# Воспитатель в детском саду > Обмен опытом работы воспитателей > Возможности компьютера >  WORD - вопросы и ответы..

## buba_nata

Поговорим о очень популярной программе Word!!!
Интерфейс Microsoft Word

Красным цветом выделена лента программы.
Голубым - панель быстрого доступа.
Зеленым - мини-панели
Желтым - вкладки на ленте (вкладка - главная; вкладка - вставка, разметка страницы, ссылки, рассылки, рецензирование, вид).
Синим - группы на ленте (например для вкладки Главная, открываются группы шрифт, абзац, стили)
Фиолетовыми прямыми указанны кнопки запуска диалоговых окон.

----------


## buba_nata

Теперь о вставке картинки и написания текста на ней.



Как мы видим, выбирая вкладку вставка и вставив картинку, появляется новая вкладка "работа с рисунком" и вот там мы и работаем. Выбираем в мини панели "обтекание текстом" и там "за текстом". Перемещаем рисунок в угол.

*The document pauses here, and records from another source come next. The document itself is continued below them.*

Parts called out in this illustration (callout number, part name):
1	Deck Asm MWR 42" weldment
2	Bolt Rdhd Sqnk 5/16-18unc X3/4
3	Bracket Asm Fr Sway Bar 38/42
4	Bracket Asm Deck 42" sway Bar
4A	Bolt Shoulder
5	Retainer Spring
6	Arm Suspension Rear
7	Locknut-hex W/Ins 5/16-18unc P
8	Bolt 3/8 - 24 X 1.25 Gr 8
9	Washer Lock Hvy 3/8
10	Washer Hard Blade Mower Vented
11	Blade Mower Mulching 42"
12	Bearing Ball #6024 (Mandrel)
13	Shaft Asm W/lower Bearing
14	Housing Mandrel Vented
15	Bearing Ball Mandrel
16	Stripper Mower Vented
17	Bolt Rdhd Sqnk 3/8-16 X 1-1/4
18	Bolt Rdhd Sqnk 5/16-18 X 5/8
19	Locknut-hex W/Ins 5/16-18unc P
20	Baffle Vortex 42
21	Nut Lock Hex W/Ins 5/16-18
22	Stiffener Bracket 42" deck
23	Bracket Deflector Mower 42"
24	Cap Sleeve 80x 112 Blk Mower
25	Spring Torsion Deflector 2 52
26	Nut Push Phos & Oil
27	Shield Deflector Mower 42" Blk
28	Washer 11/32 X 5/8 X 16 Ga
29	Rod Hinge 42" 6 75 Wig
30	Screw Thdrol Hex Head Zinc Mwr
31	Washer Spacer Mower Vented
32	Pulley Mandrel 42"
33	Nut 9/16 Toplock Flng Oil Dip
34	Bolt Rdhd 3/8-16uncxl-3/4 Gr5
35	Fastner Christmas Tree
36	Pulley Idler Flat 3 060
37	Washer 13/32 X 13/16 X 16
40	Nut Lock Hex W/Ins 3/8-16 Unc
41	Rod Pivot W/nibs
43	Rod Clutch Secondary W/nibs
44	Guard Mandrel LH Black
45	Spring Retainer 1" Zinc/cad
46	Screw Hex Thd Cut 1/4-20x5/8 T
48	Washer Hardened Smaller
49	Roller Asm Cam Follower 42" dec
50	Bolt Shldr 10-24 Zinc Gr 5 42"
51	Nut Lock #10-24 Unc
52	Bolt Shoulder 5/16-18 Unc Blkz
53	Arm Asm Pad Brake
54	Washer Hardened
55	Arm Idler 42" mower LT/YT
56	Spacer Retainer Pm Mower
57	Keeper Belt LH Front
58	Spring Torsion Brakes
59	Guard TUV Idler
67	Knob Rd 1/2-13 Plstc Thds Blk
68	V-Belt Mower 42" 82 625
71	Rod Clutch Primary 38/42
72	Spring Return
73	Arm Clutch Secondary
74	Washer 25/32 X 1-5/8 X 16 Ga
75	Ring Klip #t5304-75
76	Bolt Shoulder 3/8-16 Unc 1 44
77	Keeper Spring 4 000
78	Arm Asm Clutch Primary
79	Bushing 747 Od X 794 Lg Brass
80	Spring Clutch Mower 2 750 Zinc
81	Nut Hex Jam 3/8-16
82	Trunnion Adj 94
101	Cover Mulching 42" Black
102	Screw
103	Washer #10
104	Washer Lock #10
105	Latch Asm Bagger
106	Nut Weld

Потом  работаем с размером, указываем размер нашей бумаги - у нее формат А4 - 21 на 29,7. Рисунок растягивается по размеру.

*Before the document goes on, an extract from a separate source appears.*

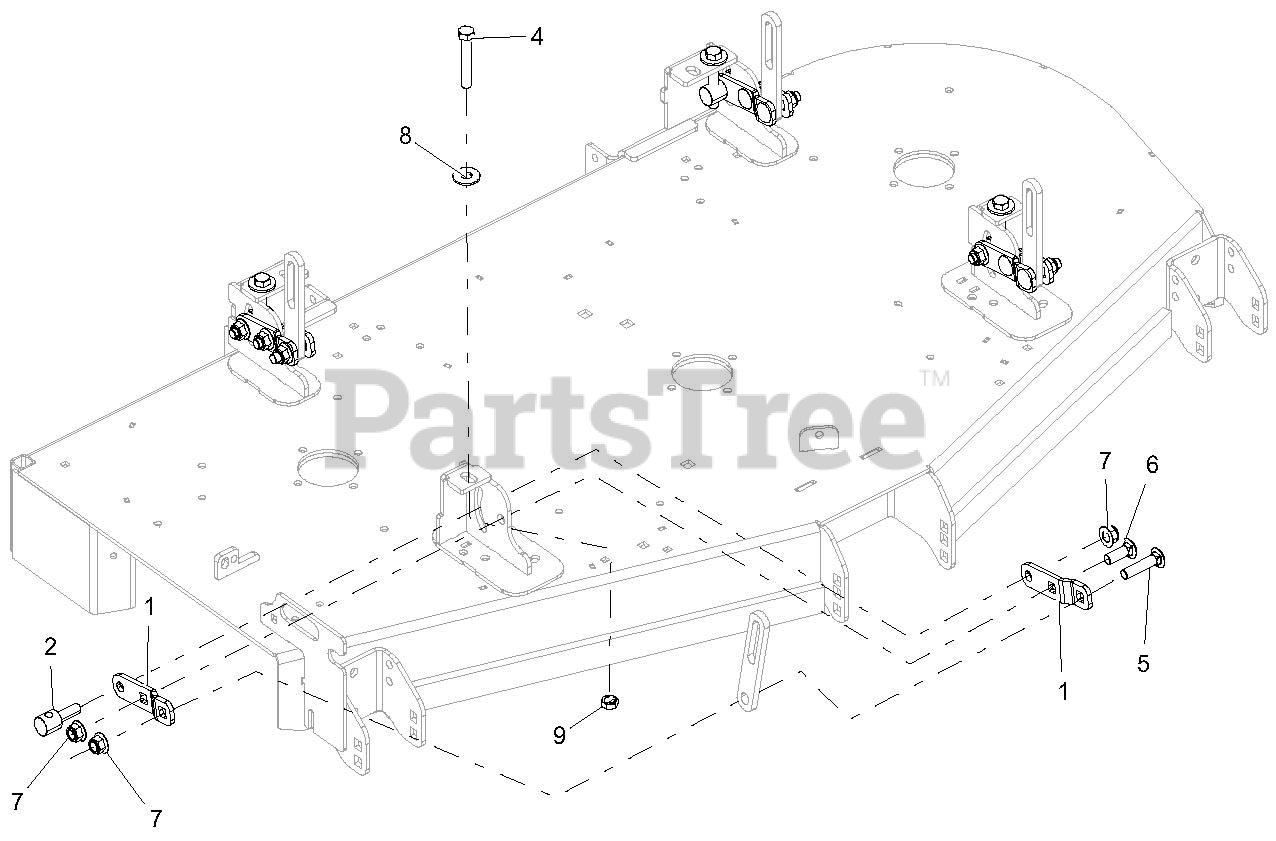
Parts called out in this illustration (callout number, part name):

Что бы было удобно, ведь текст то мне не нужен на красном поле, просто выставляю отступы, где начинается печать.  И начинаем печатать...

----------


## binkakorzinka

Наташа, если я правильно поняла, у вас ворд 2010 года. он вам нравится? я пробовала его устанавливать- все нарвится кроме того, что в функции "Вставка" ворд арт не интересный . может он есть где-то в другом месте, а я его не нашла?

----------